Zu einer solche Reflexion fehlt es den Staatschefs anscheinend an Geduld, wie auch die Kanzlerin unlängst erklärte, dass wir uns einen erneuten Aufschub des Verfassungsprozesses nicht leisten könnten. Warum aber eigentlich nicht? Die nationalen Verfassungsbewegungen haben oft den Anlauf von Jahrzehnten gebraucht, warum sollte man es jetzt mit der europäischen Verfassung übereilen? Besser auf die Dauer eine gute und demokratisch legitimierte Verfassung, als auf der Stelle eine schlechte und von oben oktroyierte.

Freitag, Juni 20, 2008

Christoph Bertram über amerikanische Kriegspläne

Kann es sein, dass die neokonservativen Hardliner in USA und Israel wirklich ins Auge fassen, in Kürze den Iran anzugreifen - und das noch vor Beendigung von Bushs Präsidentschaft? So verrückt und irrational das angesichts des Desasters im Irak klingen mag, ausgeschlossen ist es nicht, wie u.a. Christoph Bertram in der Zeit (25/2008) berichtet.

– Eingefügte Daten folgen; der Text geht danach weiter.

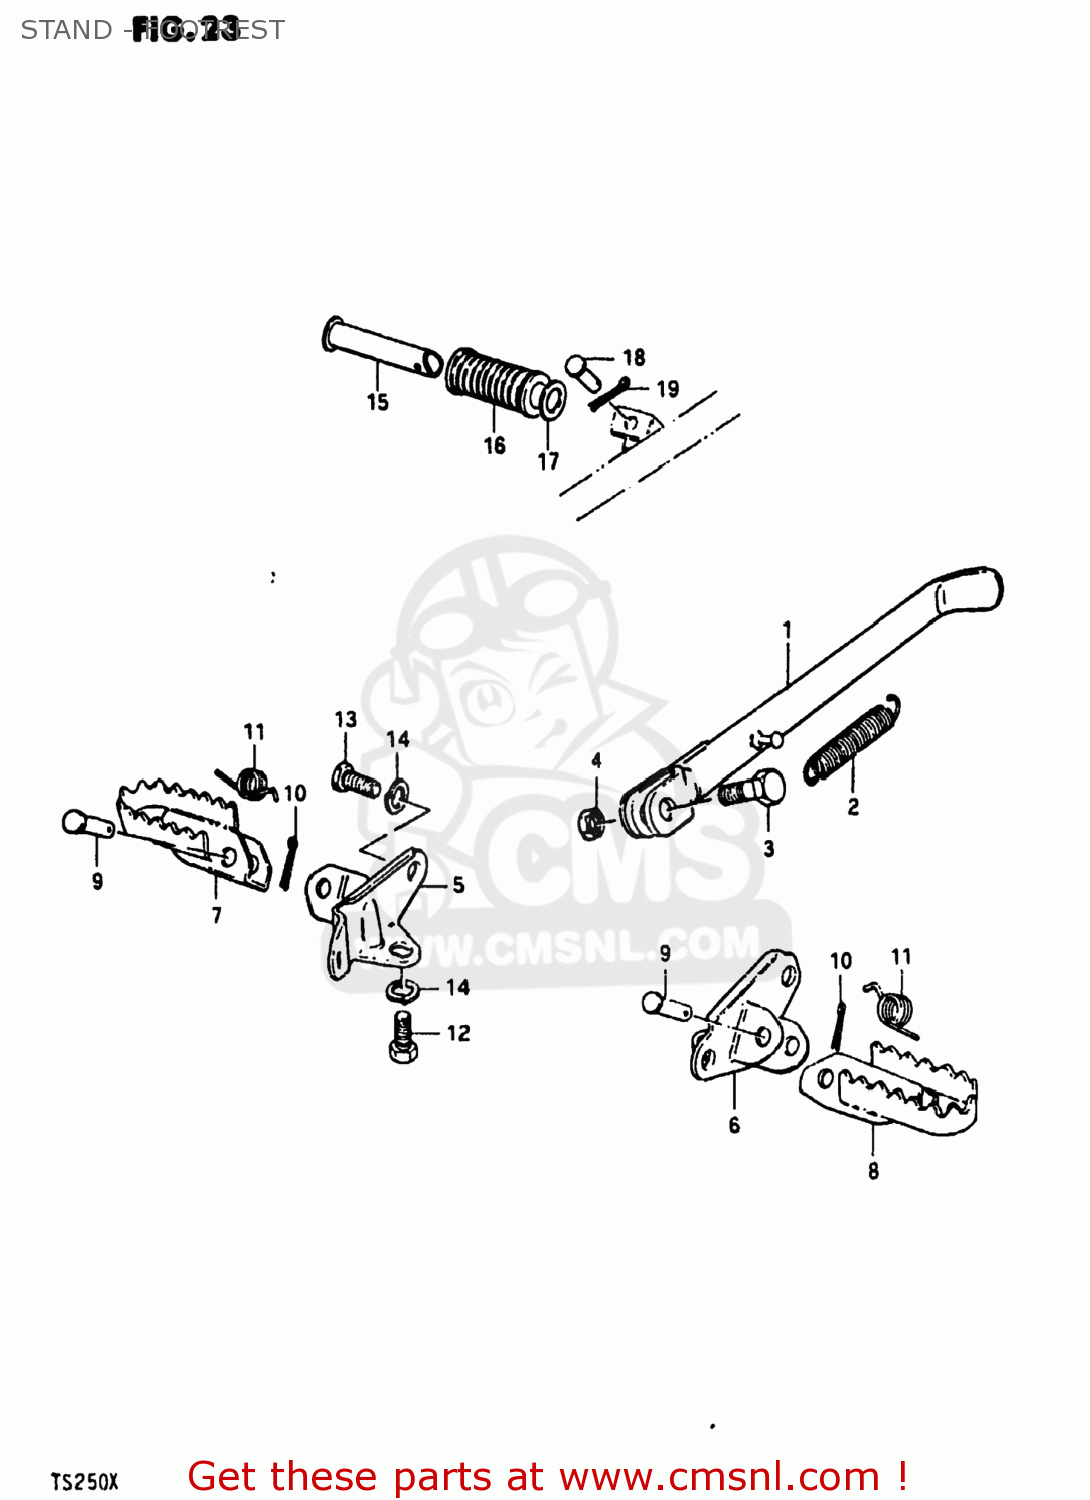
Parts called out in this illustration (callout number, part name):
1	STAND,PROP
2	SPRING
3	BOLT(10X30)
4	NUT
5	HOLDER,FRONT FOOTREST,RIGHT
6	HOLDER,FRONT FOOTREST
7	FOOTREST,FRONT
8	FOOTREST
9	PIN
10	PIN 20X20
11	SPRING
12	BOLT
13	BOLT 8X16
14	WASHER,LOCK,8.
15	BAR,FOOTREST RUBBER
16	RUBBER,PILLION FOOTREST
17	WASHER (19.5X32X2)
18	PIN
19	PIN 20X20

Besser, als die iranischen "Gefahren" hinauf zu beschwören, wäre es hingegen, den Iran ins Boot der internationalen Gemeinschaft zu holen und langfristig durch Diplomatie und Austausch eine wechselseitige Annäherung zu erreichen. Auch wenn das mit der gegenwärtigen iranischen Regierung nur schwer vorstellbar erscheint: sie repräsentiert nur eine Minderheit der iranischen Gesellschaft, die jenseits der Atomfrage und martialischer Rhetorik ihr Kapital verspielt zu haben scheint. Es werden bessere Zeiten kommen!

Angriff zum Schutz der Uno?

Iran weigert sich beharrlich, im Atomstreit den Forderungen des UN-Sicherheitsrats nachzukommen. Die Regierung Bush könnte das als Kriegsgrund nehmen

In Berlin gibt es immer noch erstzunehmende Leute, die die Mitwirkung der Bundesrepublik an weiteren Sanktionen gegen Iran damit begründen, dass Amerika auf diese Weise in diplomatische Bemühungen eingebunden und Präsident Bush von einem Militärschlag gegen Teheran abgehalten worden wäre. Nun jedoch könnte umgekehrt aus weiteren Sanktionen ein Vorwand für Bush werden, in seinen letzten Amtsmonaten doch noch gegen Iran zuzuschlagen. Jenes Land, das er als größte Bedrohung für die Vereinigten Staaten ausgemacht hat.

Gerade fordern wieder einmal Amerika und in seinem Kielwasser die EU-Staaten von Iran, als Vorleistung jeglicher Verhandlungen die Anreicherung von Uran einzustellen. Wieder einmal wird im Verweigerungsfall mit neuen Sanktionen gedroht, wieder einmal fährt EU-Repräsentant Solana nach Teheran und kommt mit leeren Händen und hoffnungsvollen Sprüchen zurück. Und wieder einmal weist Iran die gewünschte Suspendierung seiner Urananreicherung als inakzeptabel zurück.

Fast könnte das inzwischen vertraute Ritual im Streit um das iranische Atomprogramm wie eine zwar nutzlose, aber unschädliche diplomatische Pflichtübung erscheinen. Nur leider ist George W. Bush noch sieben Monate im Amt. Und je höher die Chance ist, dass mit Obama ein Demokrat in das Weiße Haus einziehen könnte, desto größer wird für die Republikaner die Versuchung, wie schon bei den letzten beiden Präsidentschaftswahlen, den Wählern eine existenzielle Bedrohung amerikanischer Sicherheit vorzuspiegeln, der nur ein martialischer Kandidat der Republikaner gewachsen sei.